Monday, 10 November 2014

A Day in the Life...

One thing I’ve been keen to do since setting up the blog is to write a series of posts about the writing process generally. This stems from the fact that whenever I tell people I’m a writer, I generally get asked the same questions, so I figured that people must be interested in this stuff, right?

I plan to address a bunch of these questions in future blogs – the tricky ones like ‘Where do you get your ideas?’, the more complex ones like ‘How did you go about getting published?’ and the personal ones like ‘Don’t you get lonely?’ (There’s a whole series of blogs in those questions. Watch this space).

First up, a simple one: ‘What do you do in an average day?’

This is an interesting question, because it’s often laden with meaning. It’s people wondering whether or not writing is a proper job (I often joke that it’s not, but it really is), and how someone can be motivated to stare at a screen for eight hours a day. The answer to the question varies from writer to writer, too.

Bromley House Subscription Library, Nottingham.
A safe haven for a lost Victorian writer.
I try as best as I can to keep to office hours. That’s not always possible in a purely creative process, because really you have to write, research and plan when the mood takes you. Chaining yourself to a desk 9-5 can be counter-productive in that respect. However, I try my best to do this, simply because I’m a married man with a wife who really does have a ‘proper job’, and so it’s only fair that I’m available for family time at the end of a working day. To that end, I’m at my computer at 9:00 a.m. on the dot every day, and down tools some time around 6:00 p.m. the first few hours of every day are almost always spent answering correspondence, doing the social media rounds (which is actually a real thing these days), and getting all planning and paperwork out of the way. The rest of the day is the real job of work, punctuated with frequent coffees. A couple of days a month I work at the library (I pay a subscription to a wonderful olde worlde library for just this purpose), and at least once a week I work at a coffee lounge, just so I can see some real human faces. I have a fully equipped office at home, complete with whiteboard, wall calender and many bookshelves, because only by having everything to hand can I guarantee that I won't wander off and get distracted.

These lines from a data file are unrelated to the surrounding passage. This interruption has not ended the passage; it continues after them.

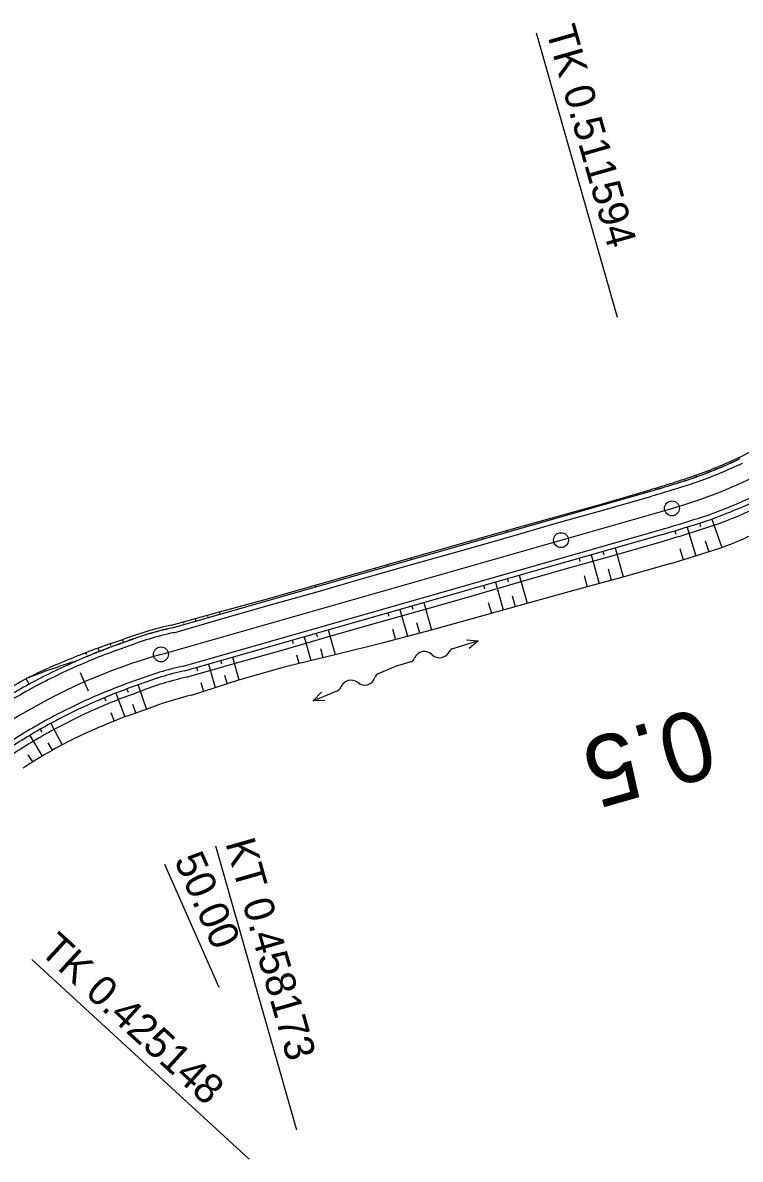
# Model space of a CAD drawing. Extents: x -481645 to -478728, y -1113199 to -1110710.
# Drawn here: x -479608.4 to -479536.3, y -1111488.4 to -1111374.2 of the extents above; entities that cross this region are included whole.
import ezdxf

# ---------------------------------------------------------------- set-up
doc = ezdxf.new("R2010")
doc.units = 0
for name, color, linetype in [('CP14_HATCH_SLOPE_L', 7, 'Continuous'), ('CP14_HECTOMETRY', 7, 'Continuous'), ('CP14_HLBODY', 7, 'Continuous'), ('CP1_HECTOMETRY', 7, 'Continuous'), ('O6_HATCH_SLOPE_L', 7, 'Continuous'), ('O6_HATCH_SLOPE_R', 7, 'Continuous'), ('O6_HECTOMETRY', 7, 'Continuous'), ('O6_HLBODY', 7, 'Continuous'), ('O6_HRANA_TELESO', 7, 'Continuous'), ('O6_OSA', 7, 'Continuous'), ('O6_VOZOVKA', 7, 'Continuous'), ('O6_ZPEVKRAJ', 7, 'Continuous')]:
    doc.layers.add(name, color=color, linetype=linetype)

# ---------------------------------------------------------------- blocks, each defined once
blk = doc.blocks.new('A$C70B')
at = {"layer": 'CP14_HLBODY'}
for p, q in [((0.87, 0), (-0.87, 0)), ((6.86, 0.43), (7.97, 0)), ((7.97, 0), (5.28, 0)), ((7.97, 0), (6.86, -0.48))]:
    blk.add_line(p, q, dxfattribs=at)
for centre, radius, start, end in [((0.87, 0.58), 0.582, 269.6924, 322.7901), ((2.17, -0.42), 1.05, 24.4039, 142.0836), ((4.08, 0.59), 1.11, 210.8873, 317.3707), ((5.32, -0.64), 0.636, 85.9766, 131.7248)]:
    blk.add_arc(centre, radius, start, end, dxfattribs=at)

msp = doc.modelspace()

# ---------------------------------------------------------------- linework, layer by layer
at = {"layer": 'CP14_HATCH_SLOPE_L'}
for p, q in [((-479539.17, -1111424.02), (-479538.14, -1111426.88)), ((-479542.88, -1111425.21), (-479542.79, -1111425.53)), ((-479541.64, -1111424.85), (-479540.76, -1111427.75)), ((-479540.4, -1111424.45), (-479540.29, -1111424.77)), ((-479539.82, -1111426.21), (-479539.44, -1111427.33)), ((-479551.3, -1111427.61), (-479550.48, -1111430.49)), ((-479550.1, -1111427.27), (-479550, -1111427.59)), ((-479548.89, -1111426.93), (-479548.07, -1111429.83)), ((-479542.38, -1111426.99), (-479542.05, -1111428.13)), ((-479552.5, -1111427.96), (-479552.41, -1111428.28)), ((-479559.71, -1111430.02), (-479559.62, -1111430.34)), ((-479558.51, -1111429.67), (-479557.71, -1111432.47)), ((-479552, -1111429.71), (-479551.68, -1111430.82)), ((-479549.59, -1111429.03), (-479549.27, -1111430.16)), ((-479562.11, -1111430.7), (-479562.02, -1111431.02)), ((-479560.91, -1111430.36), (-479560.12, -1111433.14)), ((-479568.12, -1111432.42), (-479567.35, -1111435.14)), ((-479561.63, -1111432.41), (-479561.32, -1111433.47)), ((-479559.22, -1111431.73), (-479558.92, -1111432.8)), ((-479571.73, -1111433.45), (-479571.64, -1111433.77)), ((-479570.53, -1111433.1), (-479569.76, -1111435.79)), ((-479569.33, -1111432.76), (-479569.23, -1111433.08)), ((-479568.85, -1111434.43), (-479568.55, -1111435.47)), ((-479580.14, -1111435.85), (-479579.47, -1111438.22)), ((-479578.94, -1111435.51), (-479578.85, -1111435.83)), ((-479577.74, -1111435.16), (-479577.04, -1111437.63)), ((-479571.26, -1111435.1), (-479570.97, -1111436.12)), ((-479581.35, -1111436.19), (-479581.25, -1111436.51)), ((-479587.36, -1111437.91), (-479586.71, -1111440.18)), ((-479580.92, -1111437.67), (-479580.68, -1111438.51)), ((-479578.51, -1111437.03), (-479578.25, -1111437.92)), ((-479590.96, -1111438.94), (-479590.87, -1111439.26)), ((-479589.76, -1111438.59), (-479589.09, -1111440.96)), ((-479588.56, -1111438.25), (-479588.47, -1111438.56)), ((-479588.14, -1111439.72), (-479587.9, -1111440.57)), ((-479599.09, -1111441.53), (-479598.16, -1111443.91)), ((-479597.97, -1111441.1), (-479597.85, -1111441.42)), ((-479596.83, -1111440.7), (-479595.99, -1111443.15)), ((-479590.53, -1111440.46), (-479590.28, -1111441.35)), ((-479600.21, -1111441.98), (-479600.08, -1111442.29)), ((-479597.41, -1111442.63), (-479597.08, -1111443.52)), ((-479599.59, -1111443.47), (-479599.24, -1111444.32)), ((-479605.63, -1111444.57), (-479604.48, -1111446.7)), ((-479607.72, -1111445.76), (-479606.48, -1111447.84)), ((-479606.69, -1111445.15), (-479606.52, -1111445.45)), ((-479605.91, -1111446.51), (-479605.48, -1111447.26)), ((-479607.93, -1111447.7), (-479607.47, -1111448.43))]:
    msp.add_line(p, q, dxfattribs=at)
at = {"layer": 'CP1_HECTOMETRY'}
msp.add_line((-479594.54, -1111437.62), (-479543.17, -1111422.95), dxfattribs=at)
for centre, radius, start, end in [((-479556.9, -1111374.87), 50, 285.9337, 309.1802), ((-479578.07, -1111495.31), 60, 105.9337, 137.4702)]:
    msp.add_arc(centre, radius, start, end, dxfattribs=at)
at = {"layer": 'O6_HATCH_SLOPE_L'}
msp.add_circle((-479554.32, -1111426.14), 0.75, dxfattribs=at)
at = {"layer": 'O6_HATCH_SLOPE_R'}
for p, q in [((-479540.69, -1111419.79), (-479540.76, -1111419.62)), ((-479542.96, -1111420.54), (-479543.01, -1111420.38)), ((-479541.85, -1111420.09), (-479541.88, -1111420.02)), ((-479541.82, -1111420.18), (-479541.82, -1111420.18)), ((-479552.53, -1111423.29), (-479552.57, -1111423.16)), ((-479551.35, -1111422.88), (-479551.36, -1111422.82)), ((-479551.33, -1111422.94), (-479551.33, -1111422.94)), ((-479550.13, -1111422.6), (-479550.16, -1111422.49)), ((-479553.76, -1111423.56), (-479553.77, -1111423.49)), ((-479553.73, -1111423.63), (-479553.74, -1111423.62)), ((-479560.97, -1111425.6), (-479561, -1111425.51)), ((-479559.74, -1111425.34), (-479559.79, -1111425.17)), ((-479563.38, -1111426.28), (-479563.4, -1111426.2)), ((-479563.35, -1111426.38), (-479563.35, -1111426.37)), ((-479562.15, -1111426.03), (-479562.2, -1111425.86)), ((-479560.95, -1111425.69), (-479560.95, -1111425.68)), ((-479572.99, -1111429.03), (-479573.01, -1111428.95)), ((-479571.76, -1111428.78), (-479571.81, -1111428.61)), ((-479570.59, -1111428.34), (-479570.61, -1111428.27)), ((-479570.56, -1111428.43), (-479570.56, -1111428.43)), ((-479569.36, -1111428.09), (-479569.41, -1111427.92)), ((-479572.97, -1111429.12), (-479572.97, -1111429.12)), ((-479580.2, -1111431.08), (-479580.23, -1111431)), ((-479580.18, -1111431.18), (-479580.18, -1111431.17)), ((-479578.98, -1111430.84), (-479579.03, -1111430.66)), ((-479588.59, -1111433.58), (-479588.66, -1111433.35)), ((-479592.24, -1111434.48), (-479592.27, -1111434.35)), ((-479592.2, -1111434.61), (-479592.2, -1111434.61)), ((-479590.99, -1111434.27), (-479591.07, -1111434.02)), ((-479589.83, -1111433.8), (-479589.86, -1111433.69)), ((-479589.79, -1111433.92), (-479589.79, -1111433.92)), ((-479600.73, -1111437.34), (-479600.86, -1111437)), ((-479599.58, -1111436.72), (-479599.63, -1111436.56)), ((-479599.52, -1111436.88), (-479599.52, -1111436.87)), ((-479598.3, -1111436.44), (-479598.39, -1111436.16)), ((-479602.01, -1111437.63), (-479602.09, -1111437.45)), ((-479601.93, -1111437.82), (-479601.94, -1111437.82)), ((-479607.78, -1111440.61), (-479608.09, -1111440.06))]:
    msp.add_line(p, q, dxfattribs=at)
at = {"layer": 'O6_HECTOMETRY'}
for p, q in [((-479556.81, -1111375.16), (-479548.66, -1111403.72)), ((-479589.05, -1111456.85), (-479580.9, -1111485.41)), ((-479607.54, -1111468.27), (-479585.66, -1111488.35))]:
    msp.add_line(p, q, dxfattribs=at)
for centre in [(-479543.17, -1111422.95), (-479594.54, -1111437.62), (-479594.54, -1111437.62)]:
    msp.add_circle(centre, 0.75, dxfattribs=at)
at = {"layer": 'O6_HLBODY'}
for p, q in [((-479601.82, -1111441.3), (-479602.62, -1111439.48)), ((-479601.82, -1111441.3), (-479602.62, -1111439.48)), ((-479594.17, -1111458.7), (-479588.73, -1111471.06))]:
    msp.add_line(p, q, dxfattribs=at)
at = {"layer": 'O6_HRANA_TELESO'}
for p, q in [((-479550.13, -1111422.59), (-479545.32, -1111421.22)), ((-479554.94, -1111423.96), (-479550.13, -1111422.59)), ((-479559.75, -1111425.34), (-479554.94, -1111423.96)), ((-479564.55, -1111426.71), (-479559.75, -1111425.34)), ((-479569.36, -1111428.08), (-479564.55, -1111426.71)), ((-479548.71, -1111427.57), (-479543.9, -1111426.2)), ((-479553.52, -1111428.94), (-479548.71, -1111427.57)), ((-479574.17, -1111429.45), (-479569.36, -1111428.08)), ((-479558.33, -1111430.31), (-479553.52, -1111428.94)), ((-479578.98, -1111430.83), (-479574.17, -1111429.45)), ((-479583.79, -1111432.2), (-479578.98, -1111430.83)), ((-479563.13, -1111431.69), (-479558.33, -1111430.31)), ((-479588.59, -1111433.57), (-479583.79, -1111432.2)), ((-479567.94, -1111433.06), (-479563.13, -1111431.69)), ((-479593.4, -1111434.94), (-479588.59, -1111433.57)), ((-479572.75, -1111434.43), (-479567.94, -1111433.06)), ((-479577.56, -1111435.8), (-479572.75, -1111434.43)), ((-479582.36, -1111437.18), (-479577.56, -1111435.8)), ((-479587.18, -1111438.53), (-479582.36, -1111437.18)), ((-479591.98, -1111439.92), (-479587.18, -1111438.53))]:
    msp.add_line(p, q, dxfattribs=at)
for centre, radius, start, end in [((-479556.9, -1111374.87), 47.74, 289.8361, 295.5657), ((-479585.46, -1111283.74), 143.22, 286.2737, 288.212), ((-479556.9, -1111374.87), 52.92, 289.8361, 295.5657), ((-479588.59, -1111273.86), 158.75, 286.3485, 288.2244), ((-479586.83, -1111465.37), 31.13, 102.1921, 111.6239), ((-479578.07, -1111495.31), 62.26, 108.9637, 113.7383), ((-479584.95, -1111498.19), 62.57, 106.893, 111.7018), ((-479585.96, -1111467.81), 28.53, 102.1841, 111.9235), ((-479577.99, -1111495.28), 57.06, 109.0427, 113.8173), ((-479578.07, -1111495.32), 57.06, 113.7302, 118.5049), ((-479578.08, -1111495.32), 57.06, 118.4928, 123.2674)]:
    msp.add_arc(centre, radius, start, end, dxfattribs=at)
at = {"layer": 'O6_OSA'}
for p, q in [((-479550.16, -1111422.49), (-479545.36, -1111421.08)), ((-479554.98, -1111423.83), (-479550.16, -1111422.49)), ((-479559.79, -1111425.17), (-479554.98, -1111423.83)), ((-479564.6, -1111426.55), (-479559.79, -1111425.17)), ((-479569.41, -1111427.92), (-479564.6, -1111426.55)), ((-479574.22, -1111429.29), (-479569.41, -1111427.92)), ((-479548.07, -1111429.83), (-479543.25, -1111428.47)), ((-479579.03, -1111430.66), (-479574.22, -1111429.29)), ((-479552.89, -1111431.15), (-479548.07, -1111429.83)), ((-479583.84, -1111432.03), (-479579.03, -1111430.66)), ((-479557.71, -1111432.47), (-479552.89, -1111431.15)), ((-479588.66, -1111433.35), (-479583.84, -1111432.03)), ((-479593.48, -1111434.69), (-479588.66, -1111433.35)), ((-479562.53, -1111433.8), (-479557.71, -1111432.47)), ((-479567.35, -1111435.14), (-479562.53, -1111433.8)), ((-479572.17, -1111436.44), (-479567.35, -1111435.14)), ((-479577.04, -1111437.63), (-479572.17, -1111436.44)), ((-479581.9, -1111438.81), (-479577.04, -1111437.63)), ((-479586.71, -1111440.18), (-479581.9, -1111438.81)), ((-479591.46, -1111441.73), (-479586.71, -1111440.18))]:
    msp.add_line(p, q, dxfattribs=at)
for centre, radius, start, end in [((-479557.01, -1111374.94), 47.59, 295.727, 301.4566), ((-479556.63, -1111374.76), 47.58, 289.4838, 295.2135), ((-479586.33, -1111284.4), 142.69, 286.6836, 288.6246), ((-479557.96, -1111375.33), 55.23, 291.0412, 296.7721), ((-479590.04, -1111269.36), 165.85, 286.3861, 288.2374), ((-479587.01, -1111465.29), 31.28, 101.9322, 111.3477), ((-479579.52, -1111495.86), 62.62, 107.5444, 112.3205), ((-479580.3, -1111496.35), 62.78, 111.4945, 116.2728), ((-479577.83, -1111495.17), 62.87, 118.7699, 123.5446), ((-479585.5, -1111468.66), 27.58, 102.4827, 112.3513), ((-479578.96, -1111495.65), 55.19, 107.9753, 112.7506), ((-479579.04, -1111495.78), 55.28, 112.6168, 117.3924), ((-479578.25, -1111495.43), 55.33, 118.2878, 123.0624)]:
    msp.add_arc(centre, radius, start, end, dxfattribs=at)
at = {"layer": 'O6_VOZOVKA'}
for p, q in [((-479549.99, -1111423.08), (-479545.18, -1111421.71)), ((-479554.8, -1111424.45), (-479549.99, -1111423.08)), ((-479559.61, -1111425.83), (-479554.8, -1111424.45)), ((-479549.03, -1111426.45), (-479544.22, -1111425.07)), ((-479564.42, -1111427.2), (-479559.61, -1111425.83)), ((-479553.84, -1111427.82), (-479549.03, -1111426.45)), ((-479569.22, -1111428.57), (-479564.42, -1111427.2)), ((-479558.65, -1111429.19), (-479553.84, -1111427.82)), ((-479574.03, -1111429.94), (-479569.22, -1111428.57)), ((-479578.84, -1111431.32), (-479574.03, -1111429.94)), ((-479563.45, -1111430.56), (-479558.65, -1111429.19)), ((-479568.26, -1111431.94), (-479563.45, -1111430.56)), ((-479583.65, -1111432.69), (-479578.84, -1111431.32)), ((-479573.07, -1111433.31), (-479568.26, -1111431.94)), ((-479588.45, -1111434.06), (-479583.65, -1111432.69)), ((-479577.88, -1111434.68), (-479573.07, -1111433.31)), ((-479593.26, -1111435.44), (-479588.45, -1111434.06)), ((-479582.69, -1111436.05), (-479577.88, -1111434.68)), ((-479587.49, -1111437.43), (-479582.69, -1111436.05)), ((-479592.3, -1111438.8), (-479587.49, -1111437.43))]:
    msp.add_line(p, q, dxfattribs=at)
for centre, radius, start, end in [((-479556.9, -1111374.87), 48.25, 289.8361, 295.5657), ((-479585.77, -1111282.76), 144.75, 286.2817, 288.2132), ((-479556.9, -1111374.87), 51.75, 289.8361, 295.5657), ((-479587.88, -1111276.09), 155.25, 286.3327, 288.2215), ((-479586.75, -1111465.62), 30.88, 102.1753, 111.635), ((-479578.07, -1111495.31), 61.75, 108.9637, 113.7383), ((-479578.07, -1111495.31), 61.75, 113.7383, 118.513), ((-479586.22, -1111467.28), 29.12, 102.0526, 111.7166), ((-479578.07, -1111495.31), 58.25, 108.9637, 113.7383), ((-479578.07, -1111495.31), 61.75, 118.513, 123.2876), ((-479578.07, -1111495.31), 58.25, 113.7383, 118.513), ((-479578.07, -1111495.31), 58.25, 118.513, 123.2876)]:
    msp.add_arc(centre, radius, start, end, dxfattribs=at)
at = {"layer": 'O6_ZPEVKRAJ'}
for p, q in [((-479550.13, -1111422.6), (-479545.32, -1111421.23)), ((-479554.94, -1111423.97), (-479550.13, -1111422.6)), ((-479559.74, -1111425.34), (-479554.94, -1111423.97)), ((-479564.55, -1111426.72), (-479559.74, -1111425.34)), ((-479548.89, -1111426.93), (-479544.09, -1111425.55)), ((-479569.36, -1111428.09), (-479564.55, -1111426.72)), ((-479553.7, -1111428.3), (-479548.89, -1111426.93)), ((-479574.17, -1111429.46), (-479569.36, -1111428.09)), ((-479558.51, -1111429.67), (-479553.7, -1111428.3)), ((-479578.98, -1111430.84), (-479574.17, -1111429.46)), ((-479563.32, -1111431.04), (-479558.51, -1111429.67)), ((-479583.78, -1111432.21), (-479578.98, -1111430.84)), ((-479568.12, -1111432.42), (-479563.32, -1111431.04)), ((-479588.59, -1111433.58), (-479583.78, -1111432.21)), ((-479572.93, -1111433.79), (-479568.12, -1111432.42)), ((-479593.4, -1111434.95), (-479588.59, -1111433.58)), ((-479577.74, -1111435.16), (-479572.93, -1111433.79)), ((-479582.55, -1111436.54), (-479577.74, -1111435.16)), ((-479587.36, -1111437.91), (-479582.55, -1111436.54)), ((-479592.16, -1111439.28), (-479587.36, -1111437.91))]:
    msp.add_line(p, q, dxfattribs=at)
for centre, radius, start, end in [((-479556.9, -1111374.87), 47.75, 289.8361, 295.5657), ((-479585.46, -1111283.72), 143.25, 286.2739, 288.212), ((-479556.9, -1111374.87), 52.25, 289.8361, 295.5657), ((-479588.18, -1111275.14), 156.75, 286.3395, 288.2228), ((-479586.83, -1111465.38), 31.12, 102.1917, 111.6241), ((-479578.07, -1111495.31), 62.25, 108.9637, 113.7383), ((-479578.07, -1111495.31), 62.25, 113.7383, 118.513), ((-479586.14, -1111467.52), 28.88, 102.0339, 111.7292), ((-479578.07, -1111495.31), 62.25, 118.513, 123.2876), ((-479578.07, -1111495.31), 57.75, 108.9637, 113.7383), ((-479578.07, -1111495.31), 57.75, 113.7383, 118.513), ((-479578.07, -1111495.31), 57.75, 118.513, 123.2876)]:
    msp.add_arc(centre, radius, start, end, dxfattribs=at)

# ---------------------------------------------------------------- block references
at = {"layer": 'CP14_HECTOMETRY'}
for p, rotation in [((-479570.25, -1111438.62), 17.32184632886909), ((-479571.88, -1111439.21), -157.3992275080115)]:
    msp.add_blockref('A$C70B', p, dxfattribs=dict(at, rotation=rotation))

# ---------------------------------------------------------------- texts
at = {"layer": 'O6_HATCH_SLOPE_L'}
msp.add_text('0.5', height=6.999, rotation=195.8881, dxfattribs=at).set_placement((-479540.12, -1111442.89))
at = {"layer": 'O6_HECTOMETRY'}
for s, rotation, p in [('TK 0.511594', 285.9337, (-479555.85, -1111374.89)), ('KT 0.458173', 285.9337, (-479588.09, -1111456.57)), ('TK 0.425148', 317.4702, (-479606.87, -1111467.54))]:
    msp.add_text(s, height=2.999, rotation=rotation, dxfattribs=at).set_placement(p)
at = {"layer": 'O6_HLBODY'}
msp.add_text('50.00', height=3, rotation=293.7383, dxfattribs=at).set_placement((-479593.25, -1111458.29))

doc.saveas('drawing.dxf')

I do two types of writing – there’s the creative fiction (novels, novellas and short stories), and there’s also commission work (copywriting, games design, and, to a lesser degree, editing and proofreading). The former does not respect office hours. The latter absolutely does. When I’m not doing something else with my brain, I’m thinking about books. I have approximately seven series and novel pitches on the go right now, in no concrete state, along with four ‘going concerns’ (projects that are started or almost done, and in the hands of an agent or editor). On top of that there are always side projects – those pesky things that I’ll do one day if I ever have free time. That basically means that my head is always buzzing with something.

That brings me around to the related question of motivation. The creative process is what drives me. Like many writers, I think the start and end of projects are really exciting, while the middle bits – the actual job of work – can become more of a grind. The motivation comes from the almost pathological need to create ‘new stuff’, and the knowledge that I won’t be able to do that until I finish the current project and earn some cash. The crux of it is that writing is a proper job, because it pays the bills. Much as I’d love to sit in my pants all day reading internet clickbait, or playing Skyrim, I’d very quickly discover that the mortgage lenders don’t take kindly to those sort of shenanigans. Yes, it is hard to get motivated when you’re left to your own devices, and I’m really not the most organized and process-driven chap in the world; but I’d ask the question: how does anyone get motivated to work? It helps that I love what I do, of course – that someone is willing to pay me for it never ceases to amaze me.

The old cliché of ‘Do a job you love and never work a day in your life’ is almost true of the writing life. Almost.